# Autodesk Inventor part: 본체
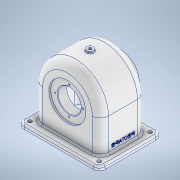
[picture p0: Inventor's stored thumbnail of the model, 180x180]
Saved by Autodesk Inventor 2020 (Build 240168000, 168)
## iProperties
Created: 2022-09
Part Number: 본체
Material: 알루미늄 6061
Document SubType Name: Modeling
Designer: Administrator
Density: 2.7 g/cm^3
Appearance: 알루미늄 - 평지
Mass: 785.035 g
Surface Area: 1042.06 cm^2
Volume: 290.754 cm^3
Author: Administrator
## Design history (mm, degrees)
sketch "스케치1"
  geometry: L1 (-70, 54)-(70, 54); L2 (70, 54)-(70, -54); L3 (70, -54)-(-70, -54); L4 (-70, -54)-(-70, 54); L5 (-70, 54)-(70, -54); L6 (70, 54)-(-70, -54); 1 further point
  constraints: 12 end point, 2 midpoint, 2 parallel, 1 horizontal, 1 perpendicular
  dimensions: "d0" = 140 distance of L1.start L1.end; "d1" = 108 distance of L3.end L1.start
extrude "돌출1" new body sketch "스케치1" distance "d2" = 7; taper "d3" = 0 deg
fillet "모깎기1" dims "d4" = 10
sketch "스케치2"
  geometry: A1 r 10 centre (60, -44) between (60, -54) and (70, -44) reference; 2 further points
  constraints: 1 coincident
hole "구멍1" sketch "스케치2" at (60, -44) diameter "d5" = 6.6; stored, may be unused: countersink angle "d9" = 90 deg, drill point angle "d11" = 150 deg; dims "d6" = 11, "d7" = 4, "d8" = 2, "d10" = 13
sketch "스케치3"
  geometry: L1 (60, 0)-(-60, 0) reference; L2 (57, 64)-(-57, 64); L3 (-57, 64)-(-57, 3.652); L4 (-57, 3.652)-(57, 3.652); L5 (57, 3.652)-(57, 64); C1 r 57 at (0, 64); 4 further points
  constraints: 8 end point, 2 midpoint, 2 parallel, 2 tangent, 1 centre point, 1 horizontal, 1 perpendicular, 1 vertical alignment
  dimensions: "d16" = 114 diameter of C1; "d17" = 64 distance from line of L1 C1.centre
extrude "돌출2" new body sketch "스케치3" stored distance "d18" = 78; taper "d19" = 0 deg
feature "쉘1" dims "d20" = 5
sketch "스케치4"
  geometry: L1 (52, -34)-(-52, -34) reference; L2 (-52, -34)-(-52, 34) reference; L3 (-52, 34)-(52, 34) reference; L4 (52, 34)-(52, -34) reference; 1 further point
extrude "돌출3" cut sketch "스케치4" extent not by distance; stored distance "d21" = 0; taper "d22" = 0 deg
feature "결합1"
  node "솔리드2"
node "작업 평면1"
sketch "스케치5"
  geometry: C1 r 6 at (0, 0); 1 further point
  constraints: 1 centre point, 1 coincident
  dimensions: "d24" = 12 diameter of C1
extrude "돌출4" join sketch "스케치5" stored distance "d25" = 78; taper "d26" = 0 deg
sketch "스케치6"
  geometry: C1 r 6 at (0, 0) reference; 2 further points
  constraints: 1 coincident
hole "구멍2" sketch "스케치6" at (0, 0) diameter "d27" = 5.1881; stored, may be unused: countersink angle "d31" = 90 deg, drill point angle "d33" = 150 deg; dims "d28" = 12, "d29" = 4, "d30" = 2, "d32" = 16
sketch "스케치7"
  geometry: L1 (-59.418, 64)-(67.035, 64); L2 (-36.086, 101.287)-(-20, 92); L3 (-20, 92)-(-20, 64); L4 (-34, 64)-(34, 64) reference; L5 (-36.086, 101.287)-(-36.086, 64); L6 (-34, 116)-(-34, 64) reference; L7 (36.934, 95)-(54, 95); L8 (54, 95)-(54, 64); L9 (54, 64)-(36.934, 64); L10 (36.934, 64)-(36.934, 95); L11 (39, 64)-(39, 121) reference; 3 further points
  constraints: 16 end point, 3 point on line, 2 horizontal, 2 parallel, 2 perpendicular, 1 vertical
  dimensions: "d34" = 64 distance from line of point (0, 0) L1; "d35" = 60 deg angle of L3 L2; "d36" = 56 diameter of L2.end L1; "d37" = 14 distance between parallel lines of L6 L3; "d38" = 15 distance between parallel lines of L8 L11; "d39" = 62 diameter of L7 L1
revolve "회전1" sketch "스케치7" stored, may be unused: angle "d40" = 90 deg
sketch "스케치8"
  geometry: C1 r 28 at (0, 0) reference; 2 further points
  constraints: 1 coincident
hole "구멍3" sketch "스케치8" at (0, 0) diameter "d41" = 40; stored, may be unused: countersink angle "d45" = 90 deg, drill point angle "d47" = 0 deg; dims "d42" = 12, "d43" = 4, "d44" = 2, "d46" = 16
sketch "스케치9"
  geometry: C1 r 20 at (0, 0) reference; 2 further points
  constraints: 1 coincident
hole "구멍4" sketch "스케치9" at (0, 0) diameter "d48" = 64; stored, may be unused: countersink angle "d52" = 90 deg, drill point angle "d54" = 0 deg; dims "d49" = 12, "d50" = 4, "d51" = 2, "d53" = 16
sketch "스케치10"
  geometry: C1 r 31 at (0, 0) reference; 2 further points
  constraints: 1 coincident
hole "구멍5" sketch "스케치10" at (0, 0) diameter "d55" = 35; stored, may be unused: countersink angle "d59" = 90 deg, drill point angle "d61" = 0 deg; dims "d56" = 12, "d57" = 40, "d58" = 16, "d60" = 16
sketch "스케치11"
  geometry: C1 r 20 at (0, 0) reference; 2 further points
  constraints: 1 vertical alignment
  dimensions: "d62" = 24 distance of C1.centre point (0, -24)
hole "구멍6" sketch "스케치11" at (0, -24) diameter "d63" = 2.459; stored, may be unused: countersink angle "d67" = 90 deg, drill point angle "d69" = 118 deg; dims "d64" = 7, "d65" = 40, "d66" = 16, "d68" = 9
sketch "스케치12"
  geometry: C1 r 1.23 at (0, 24) reference; 2 further points
  constraints: 1 coincident
hole "구멍7" sketch "스케치12" at (0, 24) diameter "d70" = 2.459; stored, may be unused: countersink angle "d74" = 90 deg, drill point angle "d76" = 118 deg; dims "d71" = 7, "d72" = 40, "d73" = 16, "d75" = 9
sketch "스케치13"
  geometry: L1 (0, 0)-(-57, 0) reference; L2 (7, -5)-(7, 83) reference; 2 further points
  constraints: 1 other
  dimensions: "d80" = 39 distance from line of L1 point (-10, 39); "d81" = 17 distance from line of point (-10, 39) L2
feature "엠보싱1" sketch "스케치13" dims "d0" = 140, "d1" = 108, "d82" = 0.5, "d83" = 0
fillet "모깎기2" dims "d84" = 14, "d85" = 9, "d86" = 1, "d87" = 0.6
chamfer "모따기1" distance "d88" = 1; stored, may be unused: second distance "d89" = 2, angle "d90" = 45 deg
fillet "모깎기3" dims "d91" = 3
node "솔리드1"
pattern_linear "직사각형 패턴1"
pattern_circular "원형 패턴1" dims angle "d78" = 360 deg
feature "A9D066F2-1C7D-4E18-AEED-F7BC21143FA4" dims "d5" = 6.6, "d6" = 11, "d7" = 4, "d8" = 2, "d9" = 90 deg, "d10" = 13, "d11" = 150 deg
other parameters: "d23" = 124

═══

# WHAT YOU WILL DO
Give back precisely the lines above that start at the line containing "Density: 2.7 g/cm^3" and end at the line containing "geometry: L1 (-70, 54)-(70, 54);", inclusive. No other lines belong in the output.

# RESPONSE TO THE TASK
Density: 2.7 g/cm^3
Appearance: 알루미늄 - 평지
Mass: 785.035 g
Surface Area: 1042.06 cm^2
Volume: 290.754 cm^3
Author: Administrator
## Design history (mm, degrees)
sketch "스케치1"
  geometry: L1 (-70, 54)-(70, 54); L2 (70, 54)-(70, -54); L3 (70, -54)-(-70, -54); L4 (-70, -54)-(-70, 54); L5 (-70, 54)-(70, -54); L6 (70, 54)-(-70, -54); 1 further point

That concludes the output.